How would you earn your living if you and your child had a severe disability? One mother shares how she has found a job that makes her life just a little easier.
I’m young, Māori and a sex worker, and my life is harder than you can imagine, but not for the reasons you’re thinking. Some mornings I lay in bed crying. I know that my day will be painful, and so will every other day for as far as I can see into the future.
I’ve lived with chronic pain in my body since I was a child, and my daughter’s severe disability means that I will continue to care for her full time for the remainder of my life. It’s not only hard physical work, it’s hard emotional work, and some days I can’t bear it.
Like many people, I want to work hard now so I can retire comfortably when I’m old. I imagine relaxing in a rustic little cottage by the ocean, nestled into a colourful garden brimming with vegetables and wildflowers. I think about sitting in the sun with friends and making strings of beads and shells to hang in the trees. I think about teenagers giggling and saying that I’m so behind the times. It’s not everyone’s aim in life, but I can’t wait to be behind the times.
In reality though, I live in a capitalist economy where everything is privately owned, and if you don’t own anything then you’re stuck working for the people who do. My body isn’t capable of working a 40 hour week, nor allowing me to become qualified at something that pays well. I’m disabled from working, and I’m part of a society that doesn’t take care of people like me, people like my daughter.
Both my daughter and I will gradually become more and more disabled, but she much sooner than me.
She already needs one-to-one care at all times, and she’s still just a small child. People with her level of needs are not well-accommodated, even in care facilities.
I can’t bear the thought of reducing her life. I need to plan for her future – and I imagine she will outlive me, so I need to plan for that as well.
But how can I plan for her future when I can barely pay the rent?
What will happen to her if I don’t own a house by the time I’m completely unable to work?
These are the questions I contemplate as I cry silently in my bed. I know that my life will always be hard both physically and emotionally, but sex work has given me hope for a future.
Being a sex worker means I can work when I am able and have days off when I’m not. I can fit my work around my disability, I choose when and how I work, and there is no pressure from my workplace. I never have to do more hours than I want to, so I can spend lots of time caring for my daughter.
The hardest thing about my job is being organised to place advertisements, take phone calls, and have somewhere convenient to work from. I pay tax on the money I make, and I save as much as I can so that my dream of a country cottage can come true one day.
Some people make the argument that any woman who needs money is not free to truly choose sex work, but is forced into prostitution by circumstance. They say sex work is not empowering, it is exploitation. They say my clients should be arrested, and they want to stop me from being able to work.
They say I’m in a predicament with no other choices, but I say sex work is getting me out of a lifelong predicament, and I’m glad I have the option to do it legally.

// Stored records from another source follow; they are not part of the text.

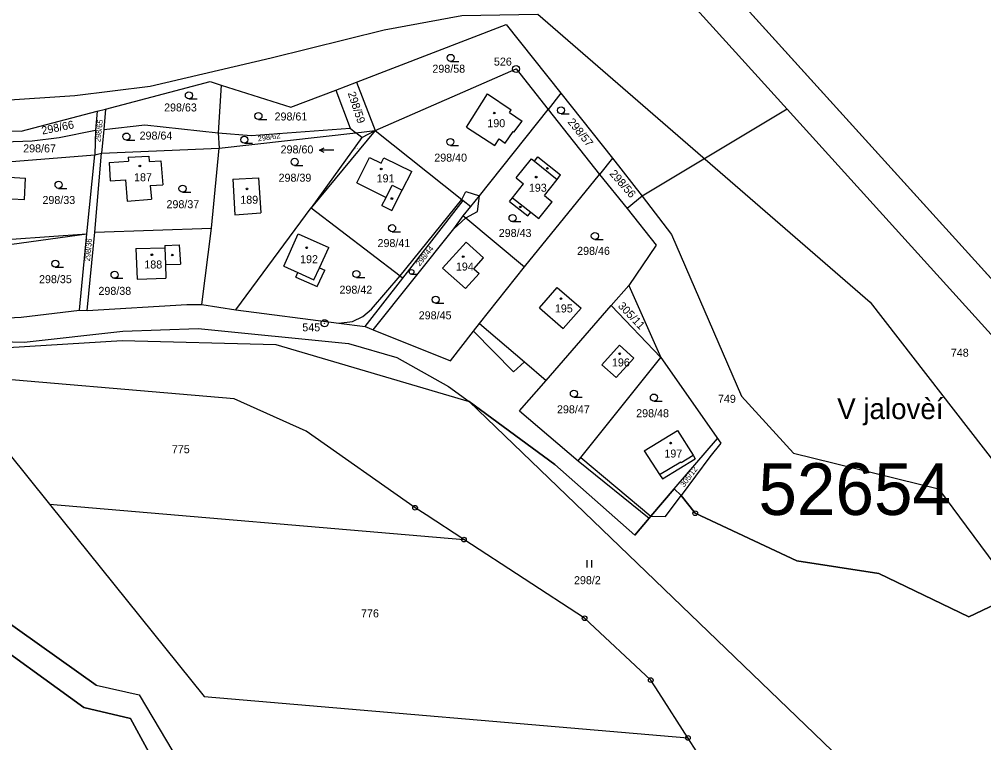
# Model space of a CAD drawing. Extents: x -725765 to -723182, y -1052705 to -1049154.
# Drawn here: x -723752.1 to -723547.3, y -1051559.5 to -1051405.8 of the extents above; entities that cross this region are included whole.
import ezdxf

# ---------------------------------------------------------------- set-up
doc = ezdxf.new("R2010")
doc.units = 0
for name, color, linetype in [('Vrstva 1', 7, 'Continuous'), ('Vrstva 13', 7, 'Continuous'), ('Vrstva 15', 7, 'Continuous'), ('Vrstva 16', 7, 'Continuous'), ('Vrstva 17', 7, 'Continuous'), ('Vrstva 18', 7, 'Continuous'), ('Vrstva 19', 7, 'Continuous'), ('Vrstva 25', 7, 'Continuous'), ('Vrstva 4', 7, 'Continuous'), ('Vrstva 52', 7, 'Continuous'), ('Vrstva 53', 7, 'Continuous')]:
    doc.layers.add(name, color=color, linetype=linetype)

msp = doc.modelspace()

# ---------------------------------------------------------------- linework, layer by layer
at = {"layer": 'Vrstva 1'}
for points in [[(-723589.08, -1051424.9), (-723679.72, -1051324.79)], [(-723680.51, -1051419.11), (-723648.75, -1051406.89)], [(-723648.75, -1051406.89), (-723637.16, -1051421.5)], [(-723676.57, -1051429.42), (-723646.65, -1051416.34)], [(-723646.65, -1051416.34), (-723639.87, -1051424.92)], [(-723733.84, -1051424.85), (-723711.6, -1051419.02)], [(-723711.6, -1051419.02), (-723709.27, -1051419.76)], [(-723709.27, -1051419.76), (-723709.93, -1051429.92)], [(-723709.27, -1051419.76), (-723694.45, -1051424.48)], [(-723684.94, -1051420.82), (-723680.51, -1051419.11)], [(-723680.51, -1051419.11), (-723676.57, -1051429.42)], [(-723694.45, -1051424.48), (-723684.94, -1051420.82)], [(-723684.94, -1051420.82), (-723681.85, -1051428.93)], [(-723657.21, -1051428.67), (-723652.73, -1051421.59)], [(-723652.73, -1051421.59), (-723647.66, -1051424.99)], [(-723637.16, -1051421.5), (-723639.87, -1051424.92)], [(-723637.16, -1051421.5), (-723626.2, -1051435.31)], [(-723751.73, -1051429.55), (-723735.61, -1051425.32)], [(-723735.61, -1051425.32), (-723735.96, -1051429.31)], [(-723735.61, -1051425.32), (-723733.84, -1051424.85)], [(-723733.84, -1051424.85), (-723734.2, -1051429.17)], [(-723654.45, -1051443.3), (-723639.87, -1051424.92)], [(-723648.06, -1051425.57), (-723647.66, -1051424.99)], [(-723648.06, -1051425.57), (-723645.35, -1051427.39)], [(-723639.87, -1051424.92), (-723628.93, -1051438.73)], [(-723589.08, -1051424.9), (-723619.84, -1051443.33)], [(-723512.61, -1051509.36), (-723589.08, -1051424.9)], [(-723734.2, -1051429.17), (-723725.45, -1051428.18)], [(-723725.45, -1051428.18), (-723709.93, -1051429.92)], [(-723657.21, -1051428.67), (-723651.18, -1051432.56)], [(-723647.12, -1051429.76), (-723645.35, -1051427.39)], [(-723759.26, -1051429.49), (-723751.73, -1051429.55)], [(-723743.64, -1051430.89), (-723735.96, -1051429.31)], [(-723735.96, -1051429.31), (-723736.13, -1051434.61)], [(-723734.2, -1051429.17), (-723734.65, -1051434.25)], [(-723709.93, -1051429.92), (-723709.67, -1051433.14)], [(-723709.93, -1051429.92), (-723702.92, -1051430.44)], [(-723709.67, -1051433.14), (-723680.68, -1051429.88)], [(-723702.92, -1051430.44), (-723681.85, -1051428.93)], [(-723676.57, -1051429.42), (-723690.19, -1051445.83)], [(-723681.85, -1051428.93), (-723680.68, -1051429.88)], [(-723680.68, -1051429.88), (-723676.57, -1051429.42)], [(-723679.41, -1051430.91), (-723680.68, -1051429.88)], [(-723676.57, -1051429.42), (-723658.16, -1051444.07)], [(-723648.96, -1051432.13), (-723647.29, -1051429.65)], [(-723647.29, -1051429.65), (-723647.12, -1051429.76)], [(-723759.54, -1051431.99), (-723749.44, -1051431.61)], [(-723749.44, -1051431.61), (-723743.64, -1051430.89)], [(-723679.41, -1051430.91), (-723690.19, -1051445.83)], [(-723651.18, -1051432.56), (-723650.22, -1051431.15)], [(-723650.22, -1051431.15), (-723648.96, -1051432.13)], [(-723760.04, -1051436.48), (-723736.13, -1051434.61)], [(-723737.77, -1051451.4), (-723736.13, -1051434.61)], [(-723736.13, -1051451.04), (-723734.65, -1051434.25)], [(-723736.13, -1051434.61), (-723734.65, -1051434.25)], [(-723734.65, -1051434.25), (-723709.67, -1051433.14)], [(-723729, -1051435.04), (-723724.66, -1051434.83)], [(-723724.66, -1051434.83), (-723724.59, -1051435.98)], [(-723710.18, -1051438.34), (-723709.67, -1051433.14)], [(-723733.09, -1051436.24), (-723728.93, -1051435.89)], [(-723733.09, -1051436.24), (-723732.85, -1051440.12)], [(-723729, -1051435.04), (-723728.93, -1051435.89)], [(-723724.59, -1051435.98), (-723722.05, -1051435.83)], [(-723722.05, -1051435.83), (-723721.68, -1051440.98)], [(-723680.44, -1051440.51), (-723677.75, -1051435.15)], [(-723677.75, -1051435.15), (-723675.3, -1051436.37)], [(-723675.3, -1051436.37), (-723674.71, -1051435.19)], [(-723674.71, -1051435.19), (-723668.79, -1051438.12)], [(-723646.62, -1051439.49), (-723643.38, -1051435.4)], [(-723643.38, -1051435.4), (-723642.76, -1051435.9)], [(-723642.76, -1051435.9), (-723642.03, -1051435.01)], [(-723642.03, -1051435.01), (-723637.19, -1051438.84)], [(-723626.2, -1051435.31), (-723628.93, -1051438.73)], [(-723626.2, -1051435.31), (-723619.84, -1051443.33)], [(-723711.34, -1051450.16), (-723710.18, -1051438.34)], [(-723670.84, -1051442.12), (-723668.79, -1051438.12)], [(-723644.88, -1051458.37), (-723628.93, -1051438.73)], [(-723637.95, -1051439.81), (-723637.19, -1051438.84)], [(-723628.93, -1051438.73), (-723623.06, -1051445.95)], [(-723759.19, -1051439.04), (-723750.8, -1051439.52)], [(-723751.05, -1051444.1), (-723750.8, -1051439.52)], [(-723732.85, -1051440.12), (-723729.56, -1051439.89)], [(-723729.56, -1051439.89), (-723729.25, -1051444.41)], [(-723724.33, -1051441.09), (-723721.68, -1051440.98)], [(-723706.82, -1051439.76), (-723701.32, -1051439.44)], [(-723706.82, -1051439.76), (-723706.4, -1051447.36)], [(-723701.32, -1051439.44), (-723700.88, -1051446.93)], [(-723680.44, -1051440.51), (-723674.24, -1051443.63)], [(-723647.41, -1051443.68), (-723645.05, -1051440.75)], [(-723646.62, -1051439.49), (-723645.05, -1051440.75)], [(-723640.63, -1051443.24), (-723637.95, -1051439.81)], [(-723724.33, -1051441.09), (-723724.08, -1051443.97)], [(-723673.03, -1051446.38), (-723670.84, -1051442.12)], [(-723753.78, -1051443.91), (-723751.05, -1051444.1)], [(-723729.25, -1051444.41), (-723724.08, -1051443.97)], [(-723675.13, -1051445.31), (-723674.24, -1051443.63)], [(-723670.69, -1051460.75), (-723657.86, -1051444.31)], [(-723658.16, -1051444.07), (-723657.86, -1051444.31)], [(-723657.86, -1051444.31), (-723656.29, -1051445.56)], [(-723656.29, -1051445.56), (-723654.45, -1051443.3)], [(-723648.03, -1051444.46), (-723647.41, -1051443.68)], [(-723648.03, -1051444.46), (-723644.15, -1051447.53)], [(-723641.79, -1051448.12), (-723638.97, -1051444.55)], [(-723640.63, -1051443.24), (-723638.97, -1051444.55)], [(-723619.84, -1051443.33), (-723623.06, -1051445.95)], [(-723619.84, -1051443.33), (-723613.68, -1051451.51)], [(-723706.4, -1051447.36), (-723700.88, -1051446.93)], [(-723706.16, -1051467.53), (-723690.19, -1051445.83)], [(-723690.19, -1051445.83), (-723671.28, -1051460.3)], [(-723675.13, -1051445.31), (-723673.03, -1051446.38)], [(-723657.89, -1051447.51), (-723656.29, -1051445.56)], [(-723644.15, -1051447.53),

After struggling for years in a desperate situation of poverty and pain, being failed by social welfare and lacking safety nets, I finally found sex work. It’s a job I can do, it enables me to work and save, and it’s making my life a lot better. Sex work buys me mental health and happiness, because it buys my daughter a future, and every day that me and my clients aren’t being arrested is a day that my life gets a little easier.
Is it empowering? I’ll leave it to you to decide.